Start of Source data

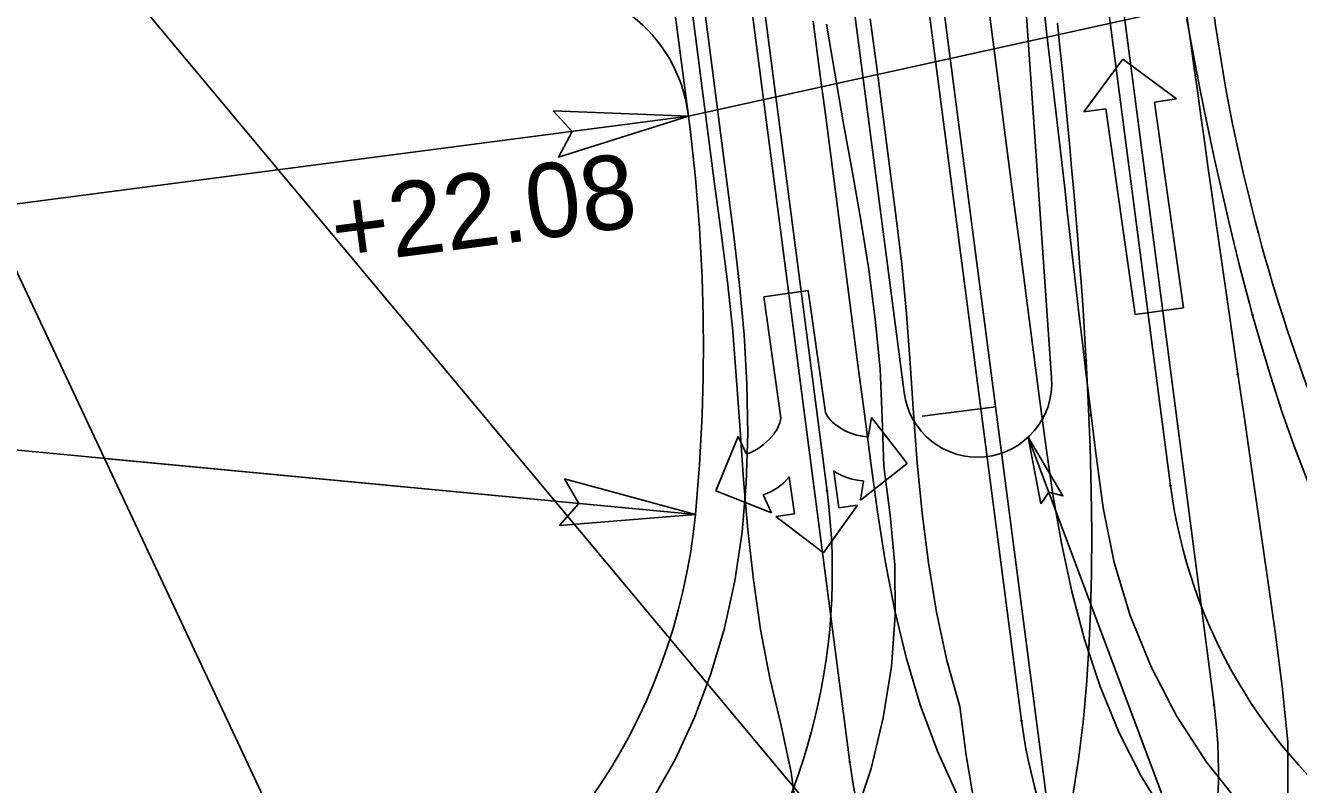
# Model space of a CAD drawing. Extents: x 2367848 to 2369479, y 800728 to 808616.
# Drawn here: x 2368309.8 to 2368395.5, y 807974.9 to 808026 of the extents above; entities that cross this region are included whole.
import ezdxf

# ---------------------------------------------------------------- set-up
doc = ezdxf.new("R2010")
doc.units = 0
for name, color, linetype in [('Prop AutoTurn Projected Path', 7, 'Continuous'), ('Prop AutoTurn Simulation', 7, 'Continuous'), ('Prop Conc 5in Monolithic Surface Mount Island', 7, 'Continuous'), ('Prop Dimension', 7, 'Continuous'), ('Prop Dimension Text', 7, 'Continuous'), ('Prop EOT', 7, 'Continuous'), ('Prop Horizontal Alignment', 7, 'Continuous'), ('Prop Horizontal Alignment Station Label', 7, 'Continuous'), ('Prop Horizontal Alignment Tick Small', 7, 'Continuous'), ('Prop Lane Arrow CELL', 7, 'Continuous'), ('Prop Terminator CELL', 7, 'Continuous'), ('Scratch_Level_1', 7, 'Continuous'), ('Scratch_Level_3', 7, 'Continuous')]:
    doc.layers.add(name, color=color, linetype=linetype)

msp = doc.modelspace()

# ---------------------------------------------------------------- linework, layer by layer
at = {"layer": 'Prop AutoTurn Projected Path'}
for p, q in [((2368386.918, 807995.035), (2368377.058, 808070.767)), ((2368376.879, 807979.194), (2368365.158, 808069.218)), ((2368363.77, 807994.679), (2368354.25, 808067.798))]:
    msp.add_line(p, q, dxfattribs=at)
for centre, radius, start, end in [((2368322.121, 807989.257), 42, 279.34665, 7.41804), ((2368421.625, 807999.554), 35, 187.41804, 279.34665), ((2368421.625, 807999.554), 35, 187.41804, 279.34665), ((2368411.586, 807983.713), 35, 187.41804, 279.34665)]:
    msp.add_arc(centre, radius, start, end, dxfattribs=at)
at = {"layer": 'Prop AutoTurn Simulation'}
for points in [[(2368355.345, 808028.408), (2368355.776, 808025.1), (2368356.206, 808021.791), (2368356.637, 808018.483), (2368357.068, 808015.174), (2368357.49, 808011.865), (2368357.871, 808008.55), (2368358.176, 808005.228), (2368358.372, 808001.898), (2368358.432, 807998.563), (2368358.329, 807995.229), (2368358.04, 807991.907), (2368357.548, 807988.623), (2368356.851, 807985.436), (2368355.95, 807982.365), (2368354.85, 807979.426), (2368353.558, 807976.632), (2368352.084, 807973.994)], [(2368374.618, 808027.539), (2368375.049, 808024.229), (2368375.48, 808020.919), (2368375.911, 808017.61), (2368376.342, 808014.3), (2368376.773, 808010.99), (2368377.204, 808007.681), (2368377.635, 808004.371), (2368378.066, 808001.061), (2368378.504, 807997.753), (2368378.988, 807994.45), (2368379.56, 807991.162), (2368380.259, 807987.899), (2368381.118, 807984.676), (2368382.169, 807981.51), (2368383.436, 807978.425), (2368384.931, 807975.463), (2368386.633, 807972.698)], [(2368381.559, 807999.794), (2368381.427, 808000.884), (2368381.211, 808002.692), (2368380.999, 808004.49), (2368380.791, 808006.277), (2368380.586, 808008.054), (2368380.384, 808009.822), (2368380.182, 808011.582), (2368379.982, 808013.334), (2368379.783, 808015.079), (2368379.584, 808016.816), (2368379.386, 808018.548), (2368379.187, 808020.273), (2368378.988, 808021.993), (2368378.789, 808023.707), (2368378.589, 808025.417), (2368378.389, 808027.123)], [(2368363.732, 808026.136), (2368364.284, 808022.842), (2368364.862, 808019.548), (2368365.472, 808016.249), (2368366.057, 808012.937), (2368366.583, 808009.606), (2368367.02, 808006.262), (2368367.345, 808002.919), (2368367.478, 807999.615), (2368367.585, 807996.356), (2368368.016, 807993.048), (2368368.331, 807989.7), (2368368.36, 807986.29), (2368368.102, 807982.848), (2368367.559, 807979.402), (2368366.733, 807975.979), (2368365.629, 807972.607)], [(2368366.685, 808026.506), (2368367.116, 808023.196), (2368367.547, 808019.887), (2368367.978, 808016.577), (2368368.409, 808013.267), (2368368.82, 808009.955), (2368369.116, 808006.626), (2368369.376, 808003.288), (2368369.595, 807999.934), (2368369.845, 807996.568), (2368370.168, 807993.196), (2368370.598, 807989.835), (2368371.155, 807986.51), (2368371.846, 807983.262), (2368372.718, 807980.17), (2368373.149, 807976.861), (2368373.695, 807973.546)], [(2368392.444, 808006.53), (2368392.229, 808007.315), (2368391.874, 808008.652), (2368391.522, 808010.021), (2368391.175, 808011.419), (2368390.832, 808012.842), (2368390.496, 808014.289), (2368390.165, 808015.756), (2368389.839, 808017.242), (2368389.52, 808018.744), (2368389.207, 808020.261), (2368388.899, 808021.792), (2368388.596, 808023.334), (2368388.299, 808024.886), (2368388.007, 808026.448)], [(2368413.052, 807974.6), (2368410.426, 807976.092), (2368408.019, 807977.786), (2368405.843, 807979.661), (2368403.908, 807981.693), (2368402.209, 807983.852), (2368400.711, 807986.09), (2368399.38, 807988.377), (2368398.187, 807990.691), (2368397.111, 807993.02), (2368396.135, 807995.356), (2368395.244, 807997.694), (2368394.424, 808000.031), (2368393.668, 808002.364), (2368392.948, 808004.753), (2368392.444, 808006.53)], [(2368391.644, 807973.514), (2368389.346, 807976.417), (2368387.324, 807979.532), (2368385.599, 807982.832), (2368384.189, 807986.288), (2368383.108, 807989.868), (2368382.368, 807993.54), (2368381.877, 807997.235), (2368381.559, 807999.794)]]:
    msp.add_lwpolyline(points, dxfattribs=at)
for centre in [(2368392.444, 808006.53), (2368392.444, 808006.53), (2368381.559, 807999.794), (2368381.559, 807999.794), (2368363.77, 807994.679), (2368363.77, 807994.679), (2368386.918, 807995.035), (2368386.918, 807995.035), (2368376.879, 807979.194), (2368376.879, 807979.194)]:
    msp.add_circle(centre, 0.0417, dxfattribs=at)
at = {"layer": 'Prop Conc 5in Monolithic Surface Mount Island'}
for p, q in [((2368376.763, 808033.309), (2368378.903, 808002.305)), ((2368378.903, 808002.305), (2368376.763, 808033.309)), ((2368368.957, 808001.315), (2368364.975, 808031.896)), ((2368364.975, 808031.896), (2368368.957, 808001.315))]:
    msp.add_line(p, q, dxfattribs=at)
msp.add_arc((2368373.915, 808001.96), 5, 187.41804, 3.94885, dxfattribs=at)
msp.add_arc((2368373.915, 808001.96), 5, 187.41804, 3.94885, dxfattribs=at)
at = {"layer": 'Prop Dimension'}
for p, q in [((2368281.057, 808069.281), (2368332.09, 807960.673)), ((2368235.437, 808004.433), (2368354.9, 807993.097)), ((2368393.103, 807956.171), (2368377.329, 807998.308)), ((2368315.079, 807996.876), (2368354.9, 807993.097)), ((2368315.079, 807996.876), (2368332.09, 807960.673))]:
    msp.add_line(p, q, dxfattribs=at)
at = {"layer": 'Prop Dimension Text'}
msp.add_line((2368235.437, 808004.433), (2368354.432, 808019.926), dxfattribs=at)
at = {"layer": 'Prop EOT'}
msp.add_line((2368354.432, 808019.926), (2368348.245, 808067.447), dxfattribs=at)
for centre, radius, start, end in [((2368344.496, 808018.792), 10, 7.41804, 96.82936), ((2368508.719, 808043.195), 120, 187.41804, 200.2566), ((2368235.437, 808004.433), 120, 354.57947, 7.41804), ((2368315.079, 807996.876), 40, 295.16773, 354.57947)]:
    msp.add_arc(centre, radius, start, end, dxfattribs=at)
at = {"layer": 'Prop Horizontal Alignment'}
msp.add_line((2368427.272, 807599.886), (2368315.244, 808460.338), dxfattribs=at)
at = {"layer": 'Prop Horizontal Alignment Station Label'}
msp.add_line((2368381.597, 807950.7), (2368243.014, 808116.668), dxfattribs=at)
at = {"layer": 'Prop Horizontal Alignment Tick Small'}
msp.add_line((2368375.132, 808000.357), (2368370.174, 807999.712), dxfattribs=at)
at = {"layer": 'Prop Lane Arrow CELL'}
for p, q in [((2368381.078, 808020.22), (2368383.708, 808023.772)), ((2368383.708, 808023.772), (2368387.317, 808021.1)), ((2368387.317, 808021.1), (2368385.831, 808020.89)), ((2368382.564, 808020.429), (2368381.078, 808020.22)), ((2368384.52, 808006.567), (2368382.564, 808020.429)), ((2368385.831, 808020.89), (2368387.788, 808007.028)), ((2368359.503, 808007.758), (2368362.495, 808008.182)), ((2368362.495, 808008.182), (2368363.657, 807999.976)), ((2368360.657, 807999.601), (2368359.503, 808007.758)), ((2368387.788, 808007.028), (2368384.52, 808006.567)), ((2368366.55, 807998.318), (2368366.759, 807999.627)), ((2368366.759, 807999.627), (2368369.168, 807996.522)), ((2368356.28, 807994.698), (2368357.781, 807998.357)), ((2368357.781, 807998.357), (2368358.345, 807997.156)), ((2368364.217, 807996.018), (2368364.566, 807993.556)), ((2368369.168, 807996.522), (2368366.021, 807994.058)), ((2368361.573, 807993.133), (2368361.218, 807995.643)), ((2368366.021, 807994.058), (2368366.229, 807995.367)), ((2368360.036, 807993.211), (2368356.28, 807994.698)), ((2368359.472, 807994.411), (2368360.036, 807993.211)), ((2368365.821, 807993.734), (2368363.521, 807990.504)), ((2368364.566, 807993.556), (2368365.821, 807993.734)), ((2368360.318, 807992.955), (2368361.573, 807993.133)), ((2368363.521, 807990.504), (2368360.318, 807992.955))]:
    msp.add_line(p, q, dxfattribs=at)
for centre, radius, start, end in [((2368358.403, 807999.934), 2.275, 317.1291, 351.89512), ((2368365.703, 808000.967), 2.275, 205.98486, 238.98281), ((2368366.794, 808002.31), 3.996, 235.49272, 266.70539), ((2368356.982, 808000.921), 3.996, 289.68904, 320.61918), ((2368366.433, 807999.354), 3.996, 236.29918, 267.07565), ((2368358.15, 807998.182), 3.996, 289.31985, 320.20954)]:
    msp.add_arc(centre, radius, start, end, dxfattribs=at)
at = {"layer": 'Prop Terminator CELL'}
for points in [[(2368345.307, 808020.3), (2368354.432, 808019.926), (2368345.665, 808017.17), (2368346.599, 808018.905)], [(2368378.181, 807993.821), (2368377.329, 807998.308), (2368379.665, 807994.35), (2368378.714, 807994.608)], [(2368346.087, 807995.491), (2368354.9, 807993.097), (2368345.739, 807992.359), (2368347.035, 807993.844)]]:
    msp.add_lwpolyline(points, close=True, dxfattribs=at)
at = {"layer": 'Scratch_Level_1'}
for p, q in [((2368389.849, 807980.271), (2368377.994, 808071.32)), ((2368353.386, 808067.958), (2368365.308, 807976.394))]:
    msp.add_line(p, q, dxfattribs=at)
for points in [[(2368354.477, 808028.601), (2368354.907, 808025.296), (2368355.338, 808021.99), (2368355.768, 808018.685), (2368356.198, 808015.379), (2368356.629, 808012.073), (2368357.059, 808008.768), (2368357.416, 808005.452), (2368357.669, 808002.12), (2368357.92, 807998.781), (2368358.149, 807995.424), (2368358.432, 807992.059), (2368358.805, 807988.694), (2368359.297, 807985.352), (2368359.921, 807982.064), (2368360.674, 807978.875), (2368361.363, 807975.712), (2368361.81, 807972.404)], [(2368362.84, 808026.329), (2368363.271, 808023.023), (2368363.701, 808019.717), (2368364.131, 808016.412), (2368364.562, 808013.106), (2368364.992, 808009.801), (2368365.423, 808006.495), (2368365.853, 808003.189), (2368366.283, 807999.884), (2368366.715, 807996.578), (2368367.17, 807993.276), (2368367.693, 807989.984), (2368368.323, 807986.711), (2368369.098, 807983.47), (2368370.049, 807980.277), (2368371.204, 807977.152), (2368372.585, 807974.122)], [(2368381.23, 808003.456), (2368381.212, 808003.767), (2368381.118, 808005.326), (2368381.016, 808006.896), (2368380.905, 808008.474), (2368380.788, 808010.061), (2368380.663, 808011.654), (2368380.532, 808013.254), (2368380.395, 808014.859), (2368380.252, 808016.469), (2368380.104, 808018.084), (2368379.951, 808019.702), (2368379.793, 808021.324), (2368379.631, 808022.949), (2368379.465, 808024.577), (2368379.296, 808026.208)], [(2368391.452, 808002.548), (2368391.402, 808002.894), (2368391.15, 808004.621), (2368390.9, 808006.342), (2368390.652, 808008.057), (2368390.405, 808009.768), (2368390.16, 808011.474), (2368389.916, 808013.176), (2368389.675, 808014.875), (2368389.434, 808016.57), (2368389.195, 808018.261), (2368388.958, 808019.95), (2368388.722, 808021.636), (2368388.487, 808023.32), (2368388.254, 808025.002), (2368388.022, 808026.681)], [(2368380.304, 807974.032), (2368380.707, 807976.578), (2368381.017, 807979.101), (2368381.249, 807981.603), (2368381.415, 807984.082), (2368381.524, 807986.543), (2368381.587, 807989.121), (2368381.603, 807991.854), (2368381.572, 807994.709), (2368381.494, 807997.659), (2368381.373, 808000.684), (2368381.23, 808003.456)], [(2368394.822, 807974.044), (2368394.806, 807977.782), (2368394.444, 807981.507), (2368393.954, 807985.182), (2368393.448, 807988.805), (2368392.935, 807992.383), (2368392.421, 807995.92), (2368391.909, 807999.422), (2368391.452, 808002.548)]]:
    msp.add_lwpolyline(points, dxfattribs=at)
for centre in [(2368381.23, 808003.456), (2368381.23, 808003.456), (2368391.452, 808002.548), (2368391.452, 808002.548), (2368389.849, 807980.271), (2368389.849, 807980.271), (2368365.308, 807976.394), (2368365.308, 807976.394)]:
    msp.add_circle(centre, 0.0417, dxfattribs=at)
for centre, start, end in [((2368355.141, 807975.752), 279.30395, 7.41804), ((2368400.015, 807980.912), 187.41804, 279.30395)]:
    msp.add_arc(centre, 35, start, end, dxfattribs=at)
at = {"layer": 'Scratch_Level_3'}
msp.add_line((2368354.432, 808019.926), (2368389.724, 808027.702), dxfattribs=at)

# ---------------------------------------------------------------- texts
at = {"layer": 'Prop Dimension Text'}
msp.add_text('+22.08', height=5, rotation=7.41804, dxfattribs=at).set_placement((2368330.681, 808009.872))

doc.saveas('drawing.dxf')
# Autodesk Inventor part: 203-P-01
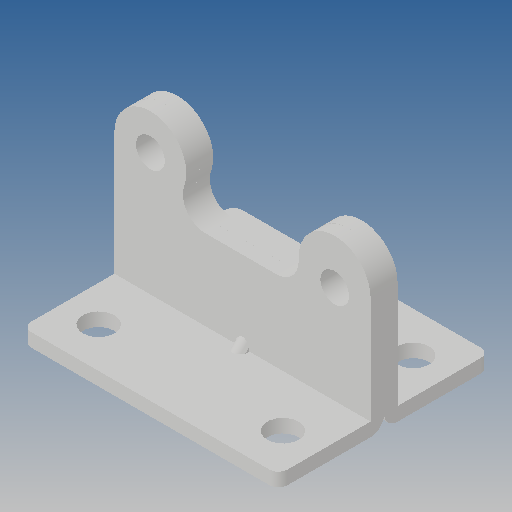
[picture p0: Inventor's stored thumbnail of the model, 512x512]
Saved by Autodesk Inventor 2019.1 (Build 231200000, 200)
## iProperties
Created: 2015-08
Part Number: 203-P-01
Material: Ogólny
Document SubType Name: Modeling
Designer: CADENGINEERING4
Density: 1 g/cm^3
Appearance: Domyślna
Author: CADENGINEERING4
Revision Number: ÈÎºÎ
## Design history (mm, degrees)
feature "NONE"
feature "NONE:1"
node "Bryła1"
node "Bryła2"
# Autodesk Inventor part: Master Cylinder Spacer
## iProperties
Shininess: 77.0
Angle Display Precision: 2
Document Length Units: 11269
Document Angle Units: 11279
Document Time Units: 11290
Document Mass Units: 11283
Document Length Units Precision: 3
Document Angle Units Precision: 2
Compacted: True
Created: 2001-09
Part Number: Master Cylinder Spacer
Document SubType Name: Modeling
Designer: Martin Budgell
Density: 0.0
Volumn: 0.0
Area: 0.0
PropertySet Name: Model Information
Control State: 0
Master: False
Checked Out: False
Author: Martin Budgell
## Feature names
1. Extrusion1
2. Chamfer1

End of Source data

Exercise objective – From the opening line of the entries above to the line that holds "doc.units = 0", inclusive, reproduce each line exactly and omit any picture.

Reply –
# Model space of a CAD drawing. Extents: x 2367848 to 2369479, y 800728 to 808616.
# Drawn here: x 2368309.8 to 2368395.5, y 807974.9 to 808026 of the extents above; entities that cross this region are included whole.
import ezdxf

# ---------------------------------------------------------------- set-up
doc = ezdxf.new("R2010")
doc.units = 0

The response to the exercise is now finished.